> [INSTRUCTIONS FOR THE TASK]: Return the lines of the data below exactly. Start at the first and end with the line containing "#3008 = DIRECTION".
══════════
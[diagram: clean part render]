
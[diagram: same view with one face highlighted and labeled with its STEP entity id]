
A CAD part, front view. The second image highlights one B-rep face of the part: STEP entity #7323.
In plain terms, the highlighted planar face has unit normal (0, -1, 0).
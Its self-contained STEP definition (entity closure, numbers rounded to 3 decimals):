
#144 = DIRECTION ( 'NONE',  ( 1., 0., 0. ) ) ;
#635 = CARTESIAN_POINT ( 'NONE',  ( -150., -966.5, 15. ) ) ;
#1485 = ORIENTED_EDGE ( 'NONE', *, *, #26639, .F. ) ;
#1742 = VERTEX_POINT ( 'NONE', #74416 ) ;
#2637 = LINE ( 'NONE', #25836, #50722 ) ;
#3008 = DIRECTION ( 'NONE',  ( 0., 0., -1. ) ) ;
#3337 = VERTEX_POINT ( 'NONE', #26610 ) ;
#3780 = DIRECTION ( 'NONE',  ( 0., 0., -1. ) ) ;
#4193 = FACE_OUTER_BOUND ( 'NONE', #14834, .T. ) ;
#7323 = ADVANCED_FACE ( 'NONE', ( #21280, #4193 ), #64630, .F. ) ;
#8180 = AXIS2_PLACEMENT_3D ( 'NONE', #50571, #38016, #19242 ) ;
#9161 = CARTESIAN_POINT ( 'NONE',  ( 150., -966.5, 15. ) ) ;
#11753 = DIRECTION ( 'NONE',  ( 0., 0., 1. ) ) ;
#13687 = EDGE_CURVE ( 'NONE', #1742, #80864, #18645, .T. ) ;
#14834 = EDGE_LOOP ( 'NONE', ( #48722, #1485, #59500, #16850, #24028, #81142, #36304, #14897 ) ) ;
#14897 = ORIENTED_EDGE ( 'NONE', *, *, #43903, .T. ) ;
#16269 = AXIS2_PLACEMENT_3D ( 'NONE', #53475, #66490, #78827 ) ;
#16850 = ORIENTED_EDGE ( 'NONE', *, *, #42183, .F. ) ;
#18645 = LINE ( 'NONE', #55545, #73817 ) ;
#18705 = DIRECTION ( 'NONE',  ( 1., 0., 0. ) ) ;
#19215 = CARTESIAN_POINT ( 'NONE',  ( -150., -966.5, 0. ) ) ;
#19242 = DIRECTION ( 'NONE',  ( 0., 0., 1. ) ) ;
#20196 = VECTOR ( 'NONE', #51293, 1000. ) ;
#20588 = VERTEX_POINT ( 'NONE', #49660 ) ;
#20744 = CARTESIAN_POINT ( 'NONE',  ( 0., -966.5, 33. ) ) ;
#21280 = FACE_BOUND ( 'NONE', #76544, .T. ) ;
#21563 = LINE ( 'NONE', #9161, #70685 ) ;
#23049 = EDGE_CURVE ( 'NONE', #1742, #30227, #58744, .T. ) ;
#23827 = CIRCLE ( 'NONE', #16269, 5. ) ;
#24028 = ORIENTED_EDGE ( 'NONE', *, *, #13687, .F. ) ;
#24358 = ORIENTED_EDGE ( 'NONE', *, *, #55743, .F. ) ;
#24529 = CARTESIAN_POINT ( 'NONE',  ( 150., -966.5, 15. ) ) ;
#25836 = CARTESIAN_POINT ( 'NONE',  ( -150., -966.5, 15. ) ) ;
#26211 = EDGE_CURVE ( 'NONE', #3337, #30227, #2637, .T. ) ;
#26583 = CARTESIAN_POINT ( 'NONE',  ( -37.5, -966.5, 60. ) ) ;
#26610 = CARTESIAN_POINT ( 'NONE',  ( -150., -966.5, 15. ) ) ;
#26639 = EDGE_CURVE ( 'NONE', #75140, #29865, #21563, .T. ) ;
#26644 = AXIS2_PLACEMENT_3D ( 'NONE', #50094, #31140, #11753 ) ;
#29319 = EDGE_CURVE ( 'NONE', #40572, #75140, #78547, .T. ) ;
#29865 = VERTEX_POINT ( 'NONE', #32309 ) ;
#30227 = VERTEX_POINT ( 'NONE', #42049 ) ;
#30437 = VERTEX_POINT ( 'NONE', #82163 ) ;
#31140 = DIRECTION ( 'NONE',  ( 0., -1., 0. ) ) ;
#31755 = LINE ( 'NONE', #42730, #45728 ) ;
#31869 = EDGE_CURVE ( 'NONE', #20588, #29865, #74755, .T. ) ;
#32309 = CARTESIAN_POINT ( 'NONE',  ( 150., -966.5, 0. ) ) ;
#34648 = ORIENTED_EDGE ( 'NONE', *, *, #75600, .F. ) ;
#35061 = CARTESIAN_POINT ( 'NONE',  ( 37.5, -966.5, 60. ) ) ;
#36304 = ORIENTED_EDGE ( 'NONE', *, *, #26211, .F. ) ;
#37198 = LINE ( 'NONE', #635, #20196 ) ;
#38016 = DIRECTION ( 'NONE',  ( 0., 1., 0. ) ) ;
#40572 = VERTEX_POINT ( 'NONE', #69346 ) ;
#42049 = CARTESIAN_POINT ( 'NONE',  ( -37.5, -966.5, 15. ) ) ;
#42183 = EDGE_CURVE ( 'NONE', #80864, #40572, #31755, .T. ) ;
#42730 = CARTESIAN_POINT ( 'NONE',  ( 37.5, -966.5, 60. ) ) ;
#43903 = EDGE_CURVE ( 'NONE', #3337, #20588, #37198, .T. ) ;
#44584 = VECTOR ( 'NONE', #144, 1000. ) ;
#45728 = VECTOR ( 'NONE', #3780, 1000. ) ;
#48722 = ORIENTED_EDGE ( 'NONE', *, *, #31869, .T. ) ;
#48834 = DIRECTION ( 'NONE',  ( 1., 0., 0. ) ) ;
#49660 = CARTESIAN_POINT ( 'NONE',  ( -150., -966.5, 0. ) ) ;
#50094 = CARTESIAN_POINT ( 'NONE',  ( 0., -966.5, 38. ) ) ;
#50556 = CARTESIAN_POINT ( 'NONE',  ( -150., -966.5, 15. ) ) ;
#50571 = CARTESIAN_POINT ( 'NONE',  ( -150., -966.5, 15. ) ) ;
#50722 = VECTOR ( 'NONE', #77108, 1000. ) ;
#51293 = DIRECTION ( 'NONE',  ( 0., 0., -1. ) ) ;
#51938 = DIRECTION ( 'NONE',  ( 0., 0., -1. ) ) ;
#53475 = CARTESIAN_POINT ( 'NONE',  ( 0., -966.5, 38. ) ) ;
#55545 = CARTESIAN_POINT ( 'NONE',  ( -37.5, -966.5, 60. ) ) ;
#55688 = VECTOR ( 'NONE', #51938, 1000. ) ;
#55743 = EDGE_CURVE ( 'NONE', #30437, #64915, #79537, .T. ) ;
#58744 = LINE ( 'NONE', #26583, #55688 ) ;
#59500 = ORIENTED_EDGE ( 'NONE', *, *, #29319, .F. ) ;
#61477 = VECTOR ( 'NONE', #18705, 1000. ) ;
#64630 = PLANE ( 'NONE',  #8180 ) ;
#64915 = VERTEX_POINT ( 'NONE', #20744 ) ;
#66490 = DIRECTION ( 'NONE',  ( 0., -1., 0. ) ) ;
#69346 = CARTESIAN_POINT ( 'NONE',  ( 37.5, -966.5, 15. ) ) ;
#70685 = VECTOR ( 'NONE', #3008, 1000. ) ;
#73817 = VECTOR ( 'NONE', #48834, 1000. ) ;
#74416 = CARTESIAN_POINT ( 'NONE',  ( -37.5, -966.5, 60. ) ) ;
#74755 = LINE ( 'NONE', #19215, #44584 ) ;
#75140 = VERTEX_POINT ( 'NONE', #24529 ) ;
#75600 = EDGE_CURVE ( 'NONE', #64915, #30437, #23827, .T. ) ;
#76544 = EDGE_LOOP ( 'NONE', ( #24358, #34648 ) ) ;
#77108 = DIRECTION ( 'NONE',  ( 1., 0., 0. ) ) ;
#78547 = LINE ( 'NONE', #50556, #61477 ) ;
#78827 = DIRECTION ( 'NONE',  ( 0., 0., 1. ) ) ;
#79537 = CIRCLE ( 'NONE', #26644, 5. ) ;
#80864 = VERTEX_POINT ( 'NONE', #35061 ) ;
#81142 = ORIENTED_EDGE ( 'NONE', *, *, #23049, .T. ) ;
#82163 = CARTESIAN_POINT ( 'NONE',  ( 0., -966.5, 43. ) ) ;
══════════
> [ANSWER TO THIS PROBLEM]:
[diagram: clean part render]
[diagram: same view with one face highlighted and labeled with its STEP entity id]
A CAD part, front view. The second image highlights one B-rep face of the part: STEP entity #7323.
In plain terms, the highlighted planar face has unit normal (0, -1, 0).
Its self-contained STEP definition (entity closure, numbers rounded to 3 decimals):
#144 = DIRECTION ( 'NONE',  ( 1., 0., 0. ) ) ;
#635 = CARTESIAN_POINT ( 'NONE',  ( -150., -966.5, 15. ) ) ;
#1485 = ORIENTED_EDGE ( 'NONE', *, *, #26639, .F. ) ;
#1742 = VERTEX_POINT ( 'NONE', #74416 ) ;
#2637 = LINE ( 'NONE', #25836, #50722 ) ;
#3008 = DIRECTION ( 'NONE',  ( 0., 0., -1. ) ) ;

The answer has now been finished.